▶

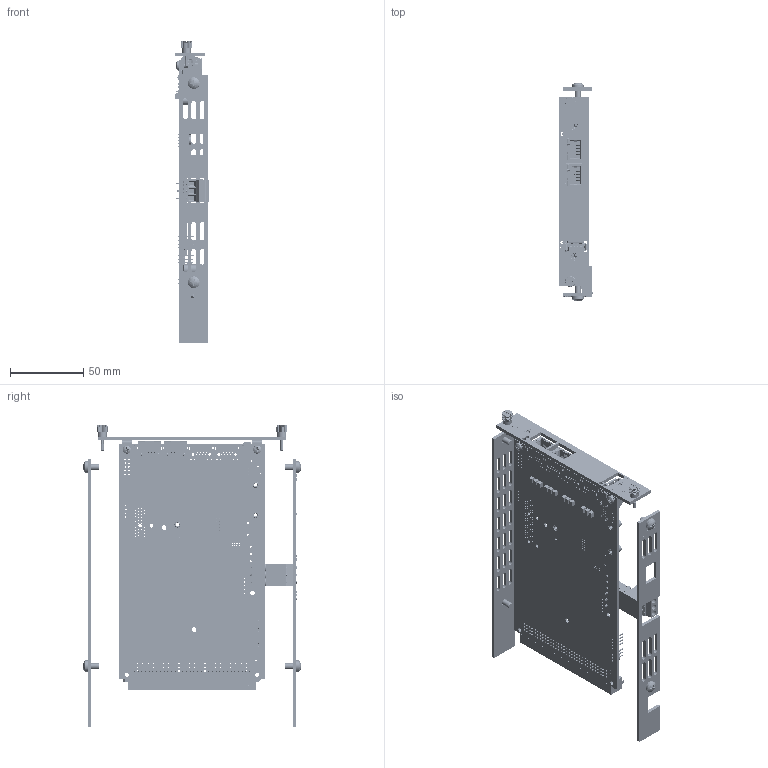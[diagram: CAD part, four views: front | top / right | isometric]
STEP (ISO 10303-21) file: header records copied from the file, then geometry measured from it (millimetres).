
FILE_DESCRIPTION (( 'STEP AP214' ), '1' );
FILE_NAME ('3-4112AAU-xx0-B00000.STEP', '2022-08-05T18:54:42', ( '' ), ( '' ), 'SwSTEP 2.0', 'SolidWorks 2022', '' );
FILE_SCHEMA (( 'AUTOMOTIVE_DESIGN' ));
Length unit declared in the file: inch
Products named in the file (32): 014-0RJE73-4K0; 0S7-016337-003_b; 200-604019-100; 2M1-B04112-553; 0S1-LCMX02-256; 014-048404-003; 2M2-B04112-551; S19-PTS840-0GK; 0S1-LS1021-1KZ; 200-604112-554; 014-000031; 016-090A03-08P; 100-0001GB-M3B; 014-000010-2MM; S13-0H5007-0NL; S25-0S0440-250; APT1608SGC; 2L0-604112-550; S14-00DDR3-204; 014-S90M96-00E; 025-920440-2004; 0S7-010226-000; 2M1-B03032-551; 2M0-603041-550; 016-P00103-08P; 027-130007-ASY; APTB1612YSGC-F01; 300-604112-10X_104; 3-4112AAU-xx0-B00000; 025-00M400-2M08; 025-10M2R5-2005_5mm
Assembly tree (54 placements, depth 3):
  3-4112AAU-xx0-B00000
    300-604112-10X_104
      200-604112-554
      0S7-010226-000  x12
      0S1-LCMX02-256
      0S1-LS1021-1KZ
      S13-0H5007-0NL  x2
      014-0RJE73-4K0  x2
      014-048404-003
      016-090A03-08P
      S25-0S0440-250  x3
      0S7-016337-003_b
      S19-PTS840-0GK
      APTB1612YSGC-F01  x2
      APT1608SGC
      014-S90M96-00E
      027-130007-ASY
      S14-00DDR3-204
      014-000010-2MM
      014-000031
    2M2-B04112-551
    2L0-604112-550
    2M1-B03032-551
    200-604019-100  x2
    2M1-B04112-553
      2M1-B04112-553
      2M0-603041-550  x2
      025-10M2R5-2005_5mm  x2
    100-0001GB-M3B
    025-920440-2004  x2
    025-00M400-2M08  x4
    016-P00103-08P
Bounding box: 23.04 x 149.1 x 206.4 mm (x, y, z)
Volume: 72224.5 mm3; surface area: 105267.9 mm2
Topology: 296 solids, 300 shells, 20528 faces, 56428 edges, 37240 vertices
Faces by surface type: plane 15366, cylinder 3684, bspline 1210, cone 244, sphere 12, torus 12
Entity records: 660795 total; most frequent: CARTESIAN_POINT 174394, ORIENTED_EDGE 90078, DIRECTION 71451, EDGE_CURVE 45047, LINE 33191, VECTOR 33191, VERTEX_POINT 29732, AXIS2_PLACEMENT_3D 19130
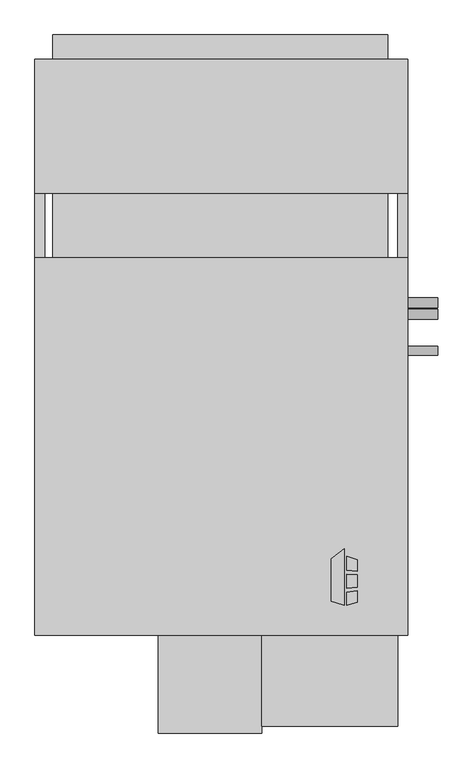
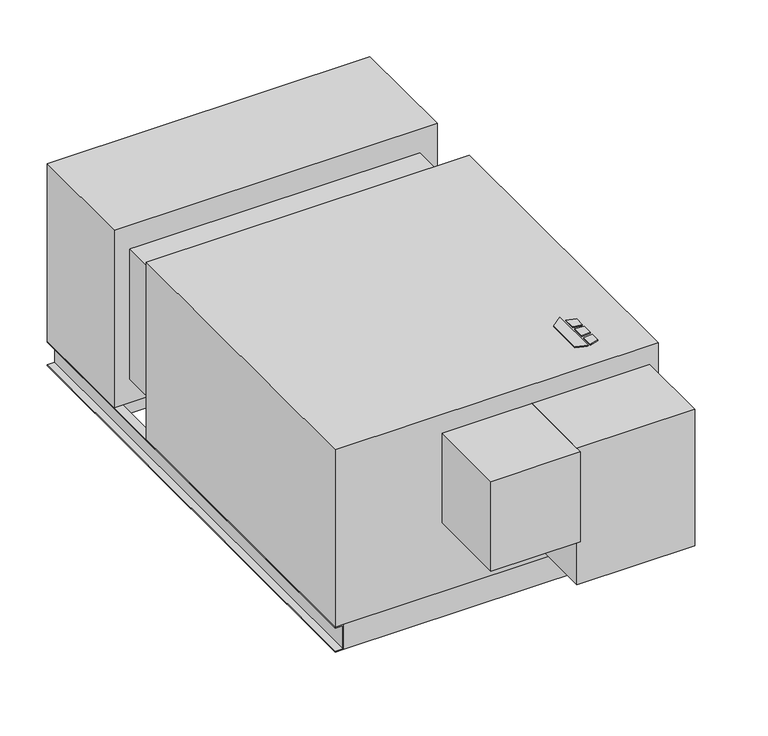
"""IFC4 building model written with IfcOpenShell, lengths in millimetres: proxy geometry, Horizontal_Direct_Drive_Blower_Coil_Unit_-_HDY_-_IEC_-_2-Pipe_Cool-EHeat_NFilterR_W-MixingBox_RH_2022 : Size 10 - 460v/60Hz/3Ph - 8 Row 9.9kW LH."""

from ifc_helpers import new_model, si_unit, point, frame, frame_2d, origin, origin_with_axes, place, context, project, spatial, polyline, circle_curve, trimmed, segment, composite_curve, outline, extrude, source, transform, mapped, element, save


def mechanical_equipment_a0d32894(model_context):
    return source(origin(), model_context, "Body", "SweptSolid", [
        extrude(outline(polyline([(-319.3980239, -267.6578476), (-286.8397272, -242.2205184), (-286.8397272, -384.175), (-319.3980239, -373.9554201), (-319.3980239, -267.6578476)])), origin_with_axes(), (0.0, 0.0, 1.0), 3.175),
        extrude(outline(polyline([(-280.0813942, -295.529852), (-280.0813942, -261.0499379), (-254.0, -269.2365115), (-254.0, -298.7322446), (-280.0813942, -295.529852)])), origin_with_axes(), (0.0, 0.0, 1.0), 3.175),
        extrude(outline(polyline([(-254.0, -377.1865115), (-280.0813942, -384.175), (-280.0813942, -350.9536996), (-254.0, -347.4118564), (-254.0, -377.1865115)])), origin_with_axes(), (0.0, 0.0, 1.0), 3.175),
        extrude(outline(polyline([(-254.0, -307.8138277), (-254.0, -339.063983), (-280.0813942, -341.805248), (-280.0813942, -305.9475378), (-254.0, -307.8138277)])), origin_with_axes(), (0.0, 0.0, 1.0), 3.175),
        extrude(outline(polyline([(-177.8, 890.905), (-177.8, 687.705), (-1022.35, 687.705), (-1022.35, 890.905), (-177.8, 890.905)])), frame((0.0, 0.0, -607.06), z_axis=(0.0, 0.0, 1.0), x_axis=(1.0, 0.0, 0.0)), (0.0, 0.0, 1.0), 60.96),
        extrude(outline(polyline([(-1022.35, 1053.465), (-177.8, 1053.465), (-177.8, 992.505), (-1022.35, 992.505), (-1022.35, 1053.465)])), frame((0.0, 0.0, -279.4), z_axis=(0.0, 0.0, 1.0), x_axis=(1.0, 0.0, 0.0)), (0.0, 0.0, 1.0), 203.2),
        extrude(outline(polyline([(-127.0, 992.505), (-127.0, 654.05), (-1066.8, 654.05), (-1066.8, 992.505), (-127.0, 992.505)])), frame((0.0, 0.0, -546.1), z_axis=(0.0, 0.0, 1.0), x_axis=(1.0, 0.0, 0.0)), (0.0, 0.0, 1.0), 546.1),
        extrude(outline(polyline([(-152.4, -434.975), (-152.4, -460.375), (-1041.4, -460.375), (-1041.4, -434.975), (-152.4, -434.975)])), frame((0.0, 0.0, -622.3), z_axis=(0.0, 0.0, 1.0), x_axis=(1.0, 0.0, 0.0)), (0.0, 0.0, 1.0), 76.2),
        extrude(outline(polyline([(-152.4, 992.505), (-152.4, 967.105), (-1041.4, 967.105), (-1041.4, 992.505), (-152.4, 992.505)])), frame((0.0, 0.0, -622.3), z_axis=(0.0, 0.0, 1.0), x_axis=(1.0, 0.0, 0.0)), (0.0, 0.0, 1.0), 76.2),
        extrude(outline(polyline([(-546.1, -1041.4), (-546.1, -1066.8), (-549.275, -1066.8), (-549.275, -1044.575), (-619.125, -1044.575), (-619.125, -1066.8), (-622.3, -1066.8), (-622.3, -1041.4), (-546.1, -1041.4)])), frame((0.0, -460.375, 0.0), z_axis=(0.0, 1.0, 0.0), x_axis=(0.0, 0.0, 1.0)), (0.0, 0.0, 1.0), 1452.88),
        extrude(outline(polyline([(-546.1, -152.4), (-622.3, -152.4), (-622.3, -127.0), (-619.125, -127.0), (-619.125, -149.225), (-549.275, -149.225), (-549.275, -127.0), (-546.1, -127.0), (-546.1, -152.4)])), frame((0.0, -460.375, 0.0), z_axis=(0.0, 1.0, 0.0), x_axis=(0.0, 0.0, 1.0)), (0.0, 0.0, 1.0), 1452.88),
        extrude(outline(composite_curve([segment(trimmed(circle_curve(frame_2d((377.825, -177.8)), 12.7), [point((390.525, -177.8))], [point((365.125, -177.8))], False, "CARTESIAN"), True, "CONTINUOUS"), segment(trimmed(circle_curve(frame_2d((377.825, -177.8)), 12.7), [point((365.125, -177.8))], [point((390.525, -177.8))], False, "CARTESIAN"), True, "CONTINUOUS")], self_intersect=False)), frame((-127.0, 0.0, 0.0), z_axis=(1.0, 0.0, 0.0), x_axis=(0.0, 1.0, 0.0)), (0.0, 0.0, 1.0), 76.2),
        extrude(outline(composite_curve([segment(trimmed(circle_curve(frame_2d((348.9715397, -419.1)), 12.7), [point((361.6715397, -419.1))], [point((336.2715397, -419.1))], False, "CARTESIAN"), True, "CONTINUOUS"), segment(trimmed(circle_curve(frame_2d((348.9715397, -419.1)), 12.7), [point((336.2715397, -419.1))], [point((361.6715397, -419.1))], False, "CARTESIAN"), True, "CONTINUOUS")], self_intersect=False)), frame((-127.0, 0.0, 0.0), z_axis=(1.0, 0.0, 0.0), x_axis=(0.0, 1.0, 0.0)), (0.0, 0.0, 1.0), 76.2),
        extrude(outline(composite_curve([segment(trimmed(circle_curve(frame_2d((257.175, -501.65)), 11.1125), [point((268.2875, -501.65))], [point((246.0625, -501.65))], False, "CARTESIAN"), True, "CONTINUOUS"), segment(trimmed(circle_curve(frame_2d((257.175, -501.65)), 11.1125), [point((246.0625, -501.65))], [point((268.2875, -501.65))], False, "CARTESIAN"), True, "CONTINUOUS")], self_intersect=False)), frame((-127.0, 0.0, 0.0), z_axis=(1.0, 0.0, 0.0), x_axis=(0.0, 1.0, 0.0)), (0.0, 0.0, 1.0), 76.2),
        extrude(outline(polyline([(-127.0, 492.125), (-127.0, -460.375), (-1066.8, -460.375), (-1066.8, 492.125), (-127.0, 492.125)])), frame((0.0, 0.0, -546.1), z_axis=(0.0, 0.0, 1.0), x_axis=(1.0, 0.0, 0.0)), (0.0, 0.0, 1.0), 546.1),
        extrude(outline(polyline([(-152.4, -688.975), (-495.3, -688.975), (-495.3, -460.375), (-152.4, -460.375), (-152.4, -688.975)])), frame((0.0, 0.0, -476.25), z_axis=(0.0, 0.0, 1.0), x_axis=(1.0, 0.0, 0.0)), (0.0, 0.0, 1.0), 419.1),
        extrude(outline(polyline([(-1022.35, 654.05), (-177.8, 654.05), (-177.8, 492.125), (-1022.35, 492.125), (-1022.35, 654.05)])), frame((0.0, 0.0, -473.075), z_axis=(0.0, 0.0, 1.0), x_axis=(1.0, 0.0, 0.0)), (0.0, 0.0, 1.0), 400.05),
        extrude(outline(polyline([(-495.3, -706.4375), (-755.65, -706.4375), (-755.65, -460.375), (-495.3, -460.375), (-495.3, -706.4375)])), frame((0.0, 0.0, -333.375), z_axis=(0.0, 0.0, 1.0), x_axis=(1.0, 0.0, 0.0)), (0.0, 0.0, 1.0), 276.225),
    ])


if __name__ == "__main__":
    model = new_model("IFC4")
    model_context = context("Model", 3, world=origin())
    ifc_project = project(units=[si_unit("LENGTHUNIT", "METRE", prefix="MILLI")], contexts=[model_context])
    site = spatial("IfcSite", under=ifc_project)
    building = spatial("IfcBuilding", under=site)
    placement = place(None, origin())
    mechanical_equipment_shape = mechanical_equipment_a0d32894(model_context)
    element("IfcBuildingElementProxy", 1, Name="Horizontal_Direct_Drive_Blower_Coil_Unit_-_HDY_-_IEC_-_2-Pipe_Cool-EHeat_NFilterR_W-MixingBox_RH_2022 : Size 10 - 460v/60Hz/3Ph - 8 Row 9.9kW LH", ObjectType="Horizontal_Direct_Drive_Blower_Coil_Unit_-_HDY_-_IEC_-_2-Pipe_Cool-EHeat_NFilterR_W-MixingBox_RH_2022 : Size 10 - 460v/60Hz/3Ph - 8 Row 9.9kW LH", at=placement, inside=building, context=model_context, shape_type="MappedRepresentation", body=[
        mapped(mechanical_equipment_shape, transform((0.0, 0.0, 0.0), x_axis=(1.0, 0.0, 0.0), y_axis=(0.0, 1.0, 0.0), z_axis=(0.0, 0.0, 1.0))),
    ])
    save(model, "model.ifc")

◀

● Task goal: Report how many lines of the entries above contain the word "spatial", giving the number by itself.

● Response for this exercise: 3